Copying exactly, give the lines in the material below from the one with "#32505 = VERTEX_POINT ( 'NONE', #54660 ) ;" to the one with "#54016 = CIRCLE ( 'NONE', #54000, 16. ) ;", ends included, and nothing besides.

[Records shown]
□ □ □ □ □ □ □
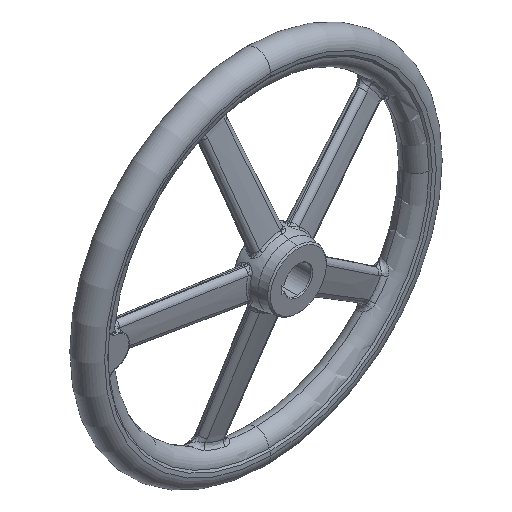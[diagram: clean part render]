
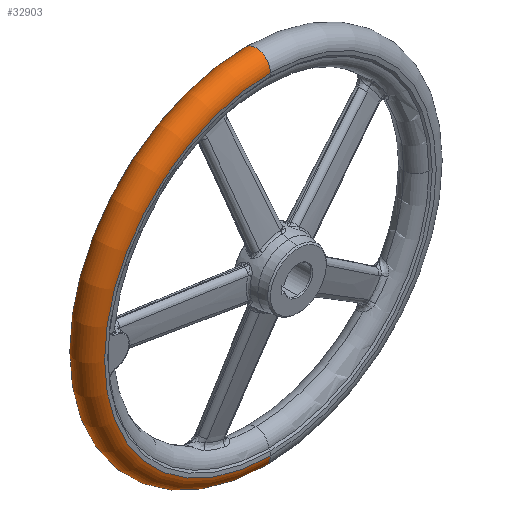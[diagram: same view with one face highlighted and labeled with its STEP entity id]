
A CAD part, isometric view. The second image highlights one B-rep face of the part: STEP entity #32903.
In plain terms, the highlighted toroidal (fillet/blend) face has major radius 184 mm and minor radius 16 mm.
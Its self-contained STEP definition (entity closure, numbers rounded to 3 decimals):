
#32375 = EDGE_CURVE ( 'NONE', #32383, #32381, #53955, .T. ) ;
#32381 = VERTEX_POINT ( 'NONE', #53963 ) ;
#32383 = VERTEX_POINT ( 'NONE', #53562 ) ;
#32475 = EDGE_CURVE ( 'NONE', #32505, #32542, #53993, .T. ) ;
#32491 = EDGE_CURVE ( 'NONE', #32381, #32542, #54016, .T. ) ;
#32505 = VERTEX_POINT ( 'NONE', #54660 ) ;
#32518 = EDGE_CURVE ( 'NONE', #32383, #32505, #54671, .T. ) ;
#32542 = VERTEX_POINT ( 'NONE', #54733 ) ;
#32898 = ORIENTED_EDGE ( 'NONE', *, *, #32518, .F. ) ;
#32903 = ADVANCED_FACE ( 'NONE', ( #56376 ), #56413, .T. ) ;
#32904 = EDGE_LOOP ( 'NONE', ( #32898, #32930, #32927, #32933 ) ) ;
#32927 = ORIENTED_EDGE ( 'NONE', *, *, #32491, .T. ) ;
#32930 = ORIENTED_EDGE ( 'NONE', *, *, #32375, .T. ) ;
#32933 = ORIENTED_EDGE ( 'NONE', *, *, #32475, .F. ) ;
#53562 = CARTESIAN_POINT ( 'NONE',  ( 0., 63., 184. ) ) ;
#53928 = AXIS2_PLACEMENT_3D ( 'NONE', #53981, #53979, #53978 ) ;
#53955 = CIRCLE ( 'NONE', #53928, 184. ) ;
#53963 = CARTESIAN_POINT ( 'NONE',  ( 0., 63., -184. ) ) ;
#53978 = DIRECTION ( 'NONE',  ( 0., 0., -1. ) ) ;
#53979 = DIRECTION ( 'NONE',  ( 0., -1., 0. ) ) ;
#53981 = CARTESIAN_POINT ( 'NONE',  ( 0., 63., 0. ) ) ;
#53991 = AXIS2_PLACEMENT_3D ( 'NONE', #54021, #54014, #54013 ) ;
#53993 = CIRCLE ( 'NONE', #53991, 184. ) ;
#54000 = AXIS2_PLACEMENT_3D ( 'NONE', #54012, #54011, #54024 ) ;
#54011 = DIRECTION ( 'NONE',  ( -1., 0., 0. ) ) ;
#54012 = CARTESIAN_POINT ( 'NONE',  ( 0., 47., -184. ) ) ;
#54013 = DIRECTION ( 'NONE',  ( 0., 0., -1. ) ) ;
#54014 = DIRECTION ( 'NONE',  ( 0., -1., 0. ) ) ;
#54016 = CIRCLE ( 'NONE', #54000, 16. ) ;
#54021 = CARTESIAN_POINT ( 'NONE',  ( 0., 31., 0. ) ) ;
#54024 = DIRECTION ( 'NONE',  ( 0., 0., 1. ) ) ;
#54660 = CARTESIAN_POINT ( 'NONE',  ( 0., 31., 184. ) ) ;
#54663 = CARTESIAN_POINT ( 'NONE',  ( 0., 47., 184. ) ) ;
#54671 = CIRCLE ( 'NONE', #54722, 16. ) ;
#54720 = DIRECTION ( 'NONE',  ( 0., 0., -1. ) ) ;
#54721 = DIRECTION ( 'NONE',  ( 1., 0., 0. ) ) ;
#54722 = AXIS2_PLACEMENT_3D ( 'NONE', #54663, #54721, #54720 ) ;
#54733 = CARTESIAN_POINT ( 'NONE',  ( 0., 31., -184. ) ) ;
#56376 = FACE_OUTER_BOUND ( 'NONE', #32904, .T. ) ;
#56378 = AXIS2_PLACEMENT_3D ( 'NONE', #56411, #56405, #56404 ) ;
#56404 = DIRECTION ( 'NONE',  ( 0., 0., -1. ) ) ;
#56405 = DIRECTION ( 'NONE',  ( 0., -1., 0. ) ) ;
#56411 = CARTESIAN_POINT ( 'NONE',  ( 0., 47., 0. ) ) ;
#56413 = TOROIDAL_SURFACE ( 'NONE', #56378, 184., 16. ) ;
□ □ □ □ □ □ □
[Answer section]
#32505 = VERTEX_POINT ( 'NONE', #54660 ) ;
#32518 = EDGE_CURVE ( 'NONE', #32383, #32505, #54671, .T. ) ;
#32542 = VERTEX_POINT ( 'NONE', #54733 ) ;
#32898 = ORIENTED_EDGE ( 'NONE', *, *, #32518, .F. ) ;
#32903 = ADVANCED_FACE ( 'NONE', ( #56376 ), #56413, .T. ) ;
#32904 = EDGE_LOOP ( 'NONE', ( #32898, #32930, #32927, #32933 ) ) ;
#32927 = ORIENTED_EDGE ( 'NONE', *, *, #32491, .T. ) ;
#32930 = ORIENTED_EDGE ( 'NONE', *, *, #32375, .T. ) ;
#32933 = ORIENTED_EDGE ( 'NONE', *, *, #32475, .F. ) ;
#53562 = CARTESIAN_POINT ( 'NONE',  ( 0., 63., 184. ) ) ;
#53928 = AXIS2_PLACEMENT_3D ( 'NONE', #53981, #53979, #53978 ) ;
#53955 = CIRCLE ( 'NONE', #53928, 184. ) ;
#53963 = CARTESIAN_POINT ( 'NONE',  ( 0., 63., -184. ) ) ;
#53978 = DIRECTION ( 'NONE',  ( 0., 0., -1. ) ) ;
#53979 = DIRECTION ( 'NONE',  ( 0., -1., 0. ) ) ;
#53981 = CARTESIAN_POINT ( 'NONE',  ( 0., 63., 0. ) ) ;
#53991 = AXIS2_PLACEMENT_3D ( 'NONE', #54021, #54014, #54013 ) ;
#53993 = CIRCLE ( 'NONE', #53991, 184. ) ;
#54000 = AXIS2_PLACEMENT_3D ( 'NONE', #54012, #54011, #54024 ) ;
#54011 = DIRECTION ( 'NONE',  ( -1., 0., 0. ) ) ;
#54012 = CARTESIAN_POINT ( 'NONE',  ( 0., 47., -184. ) ) ;
#54013 = DIRECTION ( 'NONE',  ( 0., 0., -1. ) ) ;
#54014 = DIRECTION ( 'NONE',  ( 0., -1., 0. ) ) ;
#54016 = CIRCLE ( 'NONE', #54000, 16. ) ;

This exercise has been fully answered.